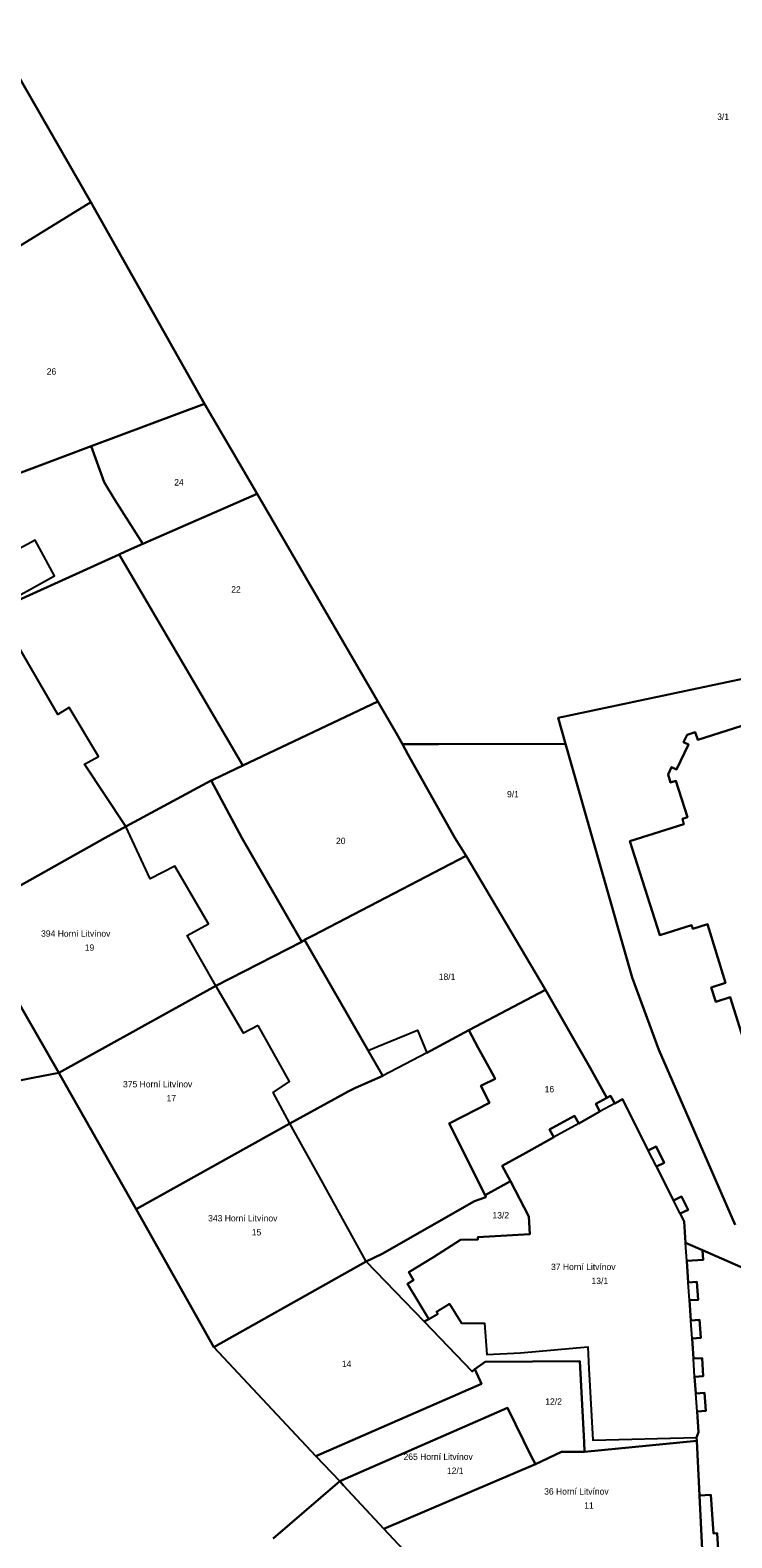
# Model space of a CAD drawing. Extents: x -792094 to -791524, y -979074 to -977761.
# Drawn here: x -791697.5 to -791642.5, y -978554.8 to -978436.7 of the extents above; entities that cross this region are included whole.
import ezdxf

# ---------------------------------------------------------------- set-up
doc = ezdxf.new("R2010")
doc.units = 0
doc.layers.add('katastr', color=7, linetype='Continuous')

msp = doc.modelspace()

# ---------------------------------------------------------------- linework, layer by layer
at = {"layer": 'katastr'}
for points in [[(-791639.24, -978372.34), (-791665.73, -978384.71), (-791679.28, -978391.82), (-791713.44, -978413.95), (-791712.96, -978414.79), (-791712, -978414.2), (-791699.5, -978436.46), (-791700.32, -978436.96), (-791699.69, -978438.07), (-791692.7, -978450.2), (-791683.8, -978465.99), (-791679.66, -978473.05), (-791670.22, -978489.33), (-791668.76, -978491.84), (-791668.28, -978492.67), (-791665.46, -978492.66), (-791655.51, -978492.64), (-791656.09, -978490.59), (-791634.23, -978485.99)], [(-791634.23, -978485.99), (-791656.09, -978490.59), (-791655.51, -978492.64), (-791650.28, -978510.95), (-791648.19, -978516.61), (-791642.22, -978530.31)], [(-791638.89, -978490.35), (-791645.14, -978492.33), (-791645.34, -978491.71), (-791645.98, -978491.92), (-791646.25, -978492.5), (-791645.86, -978492.68), (-791646.8, -978494.66), (-791647.2, -978494.47), (-791647.47, -978495.04), (-791647.27, -978495.66), (-791646.86, -978495.53), (-791645.94, -978498.38), (-791646.35, -978498.51), (-791646.24, -978498.93), (-791650.46, -978500.25), (-791648.11, -978507.63), (-791645.64, -978506.84), (-791645.54, -978507.13), (-791644.39, -978506.77), (-791642.96, -978511.36), (-791644.1, -978511.72), (-791643.74, -978512.84), (-791642.6, -978512.48), (-791641.14, -978517.12)], [(-791638.89, -978490.35), (-791645.14, -978492.33), (-791645.34, -978491.71), (-791645.98, -978491.92), (-791646.25, -978492.5), (-791645.86, -978492.68), (-791646.8, -978494.66), (-791647.2, -978494.47), (-791647.47, -978495.04), (-791647.27, -978495.66), (-791646.86, -978495.53), (-791645.94, -978498.38), (-791646.35, -978498.51), (-791646.24, -978498.93), (-791650.46, -978500.25), (-791648.11, -978507.63), (-791645.64, -978506.84), (-791645.54, -978507.13), (-791644.39, -978506.77), (-791642.96, -978511.36), (-791644.1, -978511.72), (-791643.74, -978512.84), (-791642.6, -978512.48), (-791641.14, -978517.12)], [(-791641.14, -978517.12), (-791642.6, -978512.48), (-791643.74, -978512.84), (-791644.1, -978511.72), (-791642.96, -978511.36), (-791644.39, -978506.77), (-791645.54, -978507.13), (-791645.64, -978506.84), (-791648.11, -978507.63), (-791650.46, -978500.25), (-791646.24, -978498.93), (-791646.35, -978498.51), (-791645.94, -978498.38), (-791646.86, -978495.53), (-791647.27, -978495.66), (-791647.47, -978495.04), (-791647.2, -978494.47), (-791646.8, -978494.66), (-791645.86, -978492.68), (-791646.25, -978492.5), (-791645.98, -978491.92), (-791645.34, -978491.71), (-791645.14, -978492.33), (-791638.89, -978490.35)], [(-791642.22, -978530.31), (-791648.19, -978516.61), (-791650.28, -978510.95), (-791655.51, -978492.64), (-791665.46, -978492.66), (-791668.28, -978492.67), (-791667.85, -978493.45), (-791664.17, -978500), (-791663.29, -978501.42), (-791657.07, -978511.91), (-791653.57, -978518.03), (-791652.27, -978520.37), (-791651.97, -978520.2), (-791651.64, -978520.8), (-791651.05, -978520.47), (-791649.02, -978524.49), (-791648.41, -978524.19), (-791647.77, -978525.46), (-791648.38, -978525.76), (-791647.05, -978528.41), (-791646.43, -978528.09), (-791645.9, -978529.13), (-791646.53, -978529.44), (-791646.22, -978530.06), (-791646.1, -978531.73), (-791644.78, -978532.31), (-791635.85, -978536.21)], [(-791704.72, -978520.29), (-791697.24, -978518.8), (-791695.21, -978518.4), (-791702.33, -978506.02)], [(-791678.41, -978554.9), (-791674.68, -978551.67), (-791673.2, -978550.39), (-791675.08, -978548.44), (-791683.07, -978539.9), (-791689.15, -978529.1), (-791695.21, -978518.4), (-791697.24, -978518.8), (-791704.72, -978520.29)], [(-791635.85, -978536.21), (-791644.78, -978532.31), (-791644.73, -978533.05), (-791646.01, -978533.14), (-791645.89, -978534.83), (-791645.21, -978534.78), (-791645.12, -978536.19), (-791645.8, -978536.23), (-791645.69, -978537.82), (-791645.01, -978537.77), (-791644.91, -978539.18), (-791645.59, -978539.23), (-791645.48, -978540.8), (-791644.81, -978540.76), (-791644.71, -978542.17), (-791645.39, -978542.22), (-791645.3, -978543.53), (-791644.62, -978543.48), (-791644.52, -978544.89), (-791645.2, -978544.93), (-791645.09, -978546.56), (-791645.24, -978546.98), (-791645.22, -978547.25), (-791645.01, -978551.51), (-791644.11, -978551.47), (-791643.91, -978554.49), (-791643.61, -978554.47), (-791643.54, -978555.76)], [(-791665.2, -978559), (-791669.74, -978554.12), (-791672.91, -978550.73), (-791673.2, -978550.39), (-791674.68, -978551.67), (-791678.41, -978554.9)]]:
    msp.add_lwpolyline(points, dxfattribs=at)
for points in [[(-791704.84, -978457.66), (-791692.7, -978450.2), (-791699.69, -978438.07), (-791705.15, -978441.38), (-791706.69, -978442.32), (-791711.35, -978445.15)], [(-791692.67, -978469.32), (-791683.8, -978465.99), (-791692.7, -978450.2), (-791704.84, -978457.66), (-791709.08, -978460.25), (-791702.58, -978473.05), (-791702.04, -978472.85), (-791701.59, -978472.66)], [(-791683.8, -978465.99), (-791692.67, -978469.32), (-791691.65, -978472.15), (-791690.81, -978473.51), (-791688.64, -978476.97), (-791679.66, -978473.05)], [(-791704.08, -978473.28), (-791705.72, -978473.89), (-791707.45, -978474.56), (-791717.87, -978478.58), (-791712.17, -978488.46), (-791700.06, -978482.13), (-791690.47, -978477.8), (-791689.99, -978477.58), (-791688.64, -978476.97), (-791690.81, -978473.51), (-791691.65, -978472.15), (-791692.67, -978469.32), (-791701.59, -978472.66), (-791702.04, -978472.85), (-791702.58, -978473.05)], [(-791717.87, -978478.58), (-791712.17, -978488.46), (-791700.06, -978482.13), (-791700.1, -978481.97), (-791695.54, -978479.47), (-791697.06, -978476.68), (-791701.18, -978478.9), (-791702.01, -978477.39), (-791700.43, -978476.66), (-791700.22, -978477.12), (-791699.93, -978477.04), (-791701.59, -978472.66), (-791702.04, -978472.85), (-791702.58, -978473.05), (-791704.08, -978473.28), (-791705.72, -978473.89), (-791707.45, -978474.56)], [(-791690.47, -978477.8), (-791680.78, -978494.33), (-791670.22, -978489.33), (-791679.66, -978473.05), (-791688.64, -978476.97), (-791689.99, -978477.58)], [(-791705.66, -978500), (-791702.33, -978506.02), (-791691.58, -978500), (-791689.96, -978499.12), (-791683.28, -978495.52), (-791683.09, -978495.42), (-791680.78, -978494.33), (-791690.47, -978477.8), (-791700.06, -978482.13), (-791712.17, -978488.46)], [(-791712.17, -978488.46), (-791705.66, -978500), (-791702.33, -978506.02), (-791691.58, -978500), (-791689.96, -978499.12), (-791693.19, -978494.23), (-791692.11, -978493.64), (-791694.41, -978489.79), (-791695.3, -978490.34), (-791700.06, -978482.13)], [(-791675.27, -978507.64), (-791663.29, -978501.42), (-791664.17, -978500), (-791667.85, -978493.45), (-791668.28, -978492.67), (-791668.76, -978491.84), (-791670.22, -978489.33), (-791680.78, -978494.33), (-791683.09, -978495.42), (-791683.28, -978495.52), (-791680.86, -978500), (-791676.17, -978508.15), (-791675.96, -978508)], [(-791695.21, -978518.4), (-791682.9, -978511.6), (-791676.17, -978508.15), (-791680.86, -978500), (-791683.28, -978495.52), (-791689.96, -978499.12), (-791691.58, -978500), (-791702.33, -978506.02)], [(-791702.33, -978506.02), (-791695.21, -978518.4), (-791682.9, -978511.6), (-791685.15, -978507.64), (-791683.48, -978506.74), (-791686.11, -978502.21), (-791688.06, -978503.2), (-791689.96, -978499.12), (-791691.58, -978500)], [(-791666.38, -978516.83), (-791663.07, -978515.08), (-791657.07, -978511.91), (-791663.29, -978501.42), (-791675.27, -978507.64), (-791675.96, -978508), (-791670.96, -978516.65), (-791670.3, -978516.38), (-791667.1, -978515.06)], [(-791695.21, -978518.4), (-791689.15, -978529.1), (-791677.1, -978522.37), (-791672.54, -978519.88), (-791671.97, -978519.58), (-791669.81, -978518.64), (-791670.96, -978516.65), (-791675.96, -978508), (-791676.17, -978508.15), (-791682.9, -978511.6)], [(-791679.58, -978514.71), (-791680.74, -978515.3), (-791682.9, -978511.6), (-791695.21, -978518.4), (-791689.15, -978529.1), (-791677.1, -978522.37), (-791678.41, -978519.95), (-791677.13, -978519.1)], [(-791661.45, -978520.77), (-791664.63, -978522.39), (-791661.8, -978527.98), (-791659.83, -978526.9), (-791660.46, -978525.7), (-791658.85, -978524.81), (-791658.15, -978524.42), (-791656.42, -978523.46), (-791656.75, -978522.86), (-791654.79, -978521.77), (-791654.46, -978522.37), (-791652.81, -978521.45), (-791653.14, -978520.85), (-791652.27, -978520.37), (-791653.57, -978518.03), (-791657.07, -978511.91), (-791663.07, -978515.08), (-791662.34, -978516.44), (-791661.96, -978517.15), (-791661.13, -978518.68), (-791661.03, -978518.87), (-791661.98, -978519.36), (-791662.14, -978519.44)], [(-791683.07, -978539.9), (-791682.29, -978539.46), (-791671.14, -978533.18), (-791669.88, -978532.59), (-791662.64, -978528.46), (-791661.74, -978528.15), (-791661.8, -978527.98), (-791664.63, -978522.39), (-791661.45, -978520.77), (-791662.14, -978519.44), (-791661.98, -978519.36), (-791661.03, -978518.87), (-791661.13, -978518.68), (-791661.96, -978517.15), (-791662.34, -978516.44), (-791663.07, -978515.08), (-791666.38, -978516.83), (-791669.81, -978518.64), (-791671.97, -978519.58), (-791672.54, -978519.88), (-791677.1, -978522.37), (-791689.15, -978529.1)], [(-791645.2, -978544.93), (-791644.52, -978544.89), (-791644.62, -978543.48), (-791645.3, -978543.53), (-791645.39, -978542.22), (-791644.71, -978542.17), (-791644.81, -978540.76), (-791645.48, -978540.8), (-791645.59, -978539.23), (-791644.91, -978539.18), (-791645.01, -978537.77), (-791645.69, -978537.82), (-791645.8, -978536.23), (-791645.12, -978536.19), (-791645.21, -978534.78), (-791645.89, -978534.83), (-791646.01, -978533.14), (-791644.73, -978533.05), (-791644.78, -978532.31), (-791646.1, -978531.73), (-791646.22, -978530.06), (-791646.53, -978529.44), (-791645.9, -978529.13), (-791646.43, -978528.09), (-791647.05, -978528.41), (-791648.38, -978525.76), (-791647.77, -978525.46), (-791648.41, -978524.19), (-791649.02, -978524.49), (-791651.05, -978520.47), (-791651.64, -978520.8), (-791651.97, -978520.2), (-791652.27, -978520.37), (-791653.14, -978520.85), (-791652.81, -978521.45), (-791654.46, -978522.37), (-791654.79, -978521.77), (-791656.75, -978522.86), (-791656.42, -978523.46), (-791658.15, -978524.42), (-791658.85, -978524.81), (-791660.46, -978525.7), (-791659.83, -978526.9), (-791658.38, -978529.66), (-791658.3, -978531.04), (-791662.39, -978531.28), (-791662.38, -978531.46), (-791663.73, -978531.5), (-791665.86, -978532.86), (-791667.79, -978534.03), (-791667.43, -978534.65), (-791667.9, -978534.93), (-791666.23, -978537.7), (-791666.57, -978537.9), (-791662.83, -978541.8), (-791662.6, -978541.63), (-791661.81, -978541.05), (-791654.38, -978540.99), (-791654.05, -978547.34), (-791654.01, -978548.1), (-791645.22, -978547.25), (-791645.24, -978546.98), (-791645.09, -978546.56)], [(-791667.79, -978534.03), (-791667.43, -978534.65), (-791667.9, -978534.93), (-791666.23, -978537.7), (-791665.52, -978537.28), (-791665.61, -978537.13), (-791664.61, -978536.51), (-791663.67, -978538.01), (-791661.86, -978538.01), (-791661.67, -978540.47), (-791659.04, -978540.34), (-791653.77, -978539.88), (-791653.67, -978541.6), (-791653.6, -978542.94), (-791653.36, -978547.18), (-791645.24, -978546.98), (-791645.09, -978546.56), (-791645.2, -978544.93), (-791645.3, -978543.53), (-791645.39, -978542.22), (-791645.48, -978540.8), (-791645.59, -978539.23), (-791645.69, -978537.82), (-791645.8, -978536.23), (-791645.89, -978534.83), (-791646.01, -978533.14), (-791646.1, -978531.73), (-791646.22, -978530.06), (-791646.53, -978529.44), (-791647.05, -978528.41), (-791648.38, -978525.76), (-791649.02, -978524.49), (-791651.05, -978520.47), (-791651.64, -978520.8), (-791652.81, -978521.45), (-791654.46, -978522.37), (-791656.42, -978523.46), (-791658.15, -978524.42), (-791658.85, -978524.81), (-791660.46, -978525.7), (-791659.83, -978526.9), (-791658.38, -978529.66), (-791658.3, -978531.04), (-791662.39, -978531.28), (-791662.38, -978531.46), (-791663.73, -978531.5), (-791665.86, -978532.86)], [(-791682.29, -978539.46), (-791671.14, -978533.18), (-791674.66, -978526.8), (-791677.1, -978522.37), (-791689.15, -978529.1), (-791683.07, -978539.9)], [(-791662.64, -978528.46), (-791669.88, -978532.59), (-791671.14, -978533.18), (-791666.57, -978537.9), (-791666.23, -978537.7), (-791667.9, -978534.93), (-791667.43, -978534.65), (-791667.79, -978534.03), (-791665.86, -978532.86), (-791663.73, -978531.5), (-791662.38, -978531.46), (-791662.39, -978531.28), (-791658.3, -978531.04), (-791658.38, -978529.66), (-791659.83, -978526.9), (-791661.8, -978527.98), (-791661.74, -978528.15)], [(-791682.29, -978539.46), (-791683.07, -978539.9), (-791675.08, -978548.44), (-791662.1, -978542.76), (-791662.6, -978541.63), (-791662.83, -978541.8), (-791666.57, -978537.9), (-791671.14, -978533.18)], [(-791675.08, -978548.44), (-791673.2, -978550.39), (-791660.05, -978544.65), (-791658.16, -978548.48), (-791657.87, -978549.06), (-791655.81, -978548.1), (-791654.01, -978548.1), (-791654.05, -978547.34), (-791654.38, -978540.99), (-791661.81, -978541.05), (-791662.6, -978541.63), (-791662.1, -978542.76)], [(-791658.16, -978548.48), (-791660.05, -978544.65), (-791673.2, -978550.39), (-791672.91, -978550.73), (-791669.74, -978554.12), (-791657.87, -978549.06)], [(-791658.16, -978548.48), (-791660.05, -978544.65), (-791673.2, -978550.39), (-791672.91, -978550.73), (-791669.74, -978554.12), (-791657.87, -978549.06)], [(-791644.6, -978559.97), (-791645.01, -978551.51), (-791645.22, -978547.25), (-791654.01, -978548.1), (-791655.81, -978548.1), (-791657.87, -978549.06), (-791669.74, -978554.12), (-791665.2, -978559), (-791652.17, -978555.67), (-791646.17, -978562.44), (-791644.41, -978563.77), (-791644.5, -978561.99)], [(-791669.74, -978554.12), (-791665.2, -978559), (-791652.17, -978555.67), (-791646.17, -978562.44), (-791644.41, -978563.77), (-791644.5, -978561.99), (-791644.6, -978559.97), (-791645.01, -978551.51), (-791645.22, -978547.25), (-791654.01, -978548.1), (-791655.81, -978548.1), (-791657.87, -978549.06)], [(-791643, -978559.89), (-791643.06, -978558.77), (-791642.74, -978558.76), (-791642.84, -978557.24), (-791643.12, -978557.24), (-791643.24, -978555.76), (-791643.54, -978555.76), (-791643.61, -978554.47), (-791643.91, -978554.49), (-791644.11, -978551.47), (-791645.01, -978551.51), (-791644.6, -978559.97)]]:
    msp.add_lwpolyline(points, close=True, dxfattribs=at)

# ---------------------------------------------------------------- texts
for s, p in [('3/1', (-791643.62, -978443.76)), ('26', (-791696.16, -978463.72)), ('24', (-791686.17, -978472.4)), ('22', (-791681.7, -978480.79)), ('9/1', (-791660.09, -978496.83)), ('20', (-791673.49, -978500.49)), ('394 Horní Litvínov', (-791696.6, -978507.75)), ('19', (-791693.18, -978508.85)), ('18/1', (-791665.44, -978511.13)), ('375 Horní Litvínov', (-791690.18, -978519.55)), ('17', (-791686.77, -978520.65)), ('16', (-791657.14, -978519.94)), ('343 Horní Litvínov', (-791683.51, -978530.05)), ('13/2', (-791661.23, -978529.82)), ('15', (-791680.09, -978531.15)), ('37 Horní Litvínov', (-791656.64, -978533.86)), ('13/1', (-791653.47, -978534.96)), ('14', (-791673.03, -978541.46)), ('12/2', (-791657.09, -978544.41)), ('265 Horní Litvínov', (-791668.2, -978548.73)), ('12/1', (-791664.8, -978549.83)), ('36 Horní Litvínov', (-791657.18, -978551.45)), ('11', (-791654.04, -978552.55))]:
    msp.add_text(s, height=0.5, dxfattribs=at).set_placement(p)

doc.saveas('drawing.dxf')

++++

= WHAT TO DO =
The lines to return are those in the entries above that include "drawing".

= RESPONSE AREA =
# Model space of a CAD drawing. Extents: x -792094 to -791524, y -979074 to -977761.
doc.saveas('drawing.dxf')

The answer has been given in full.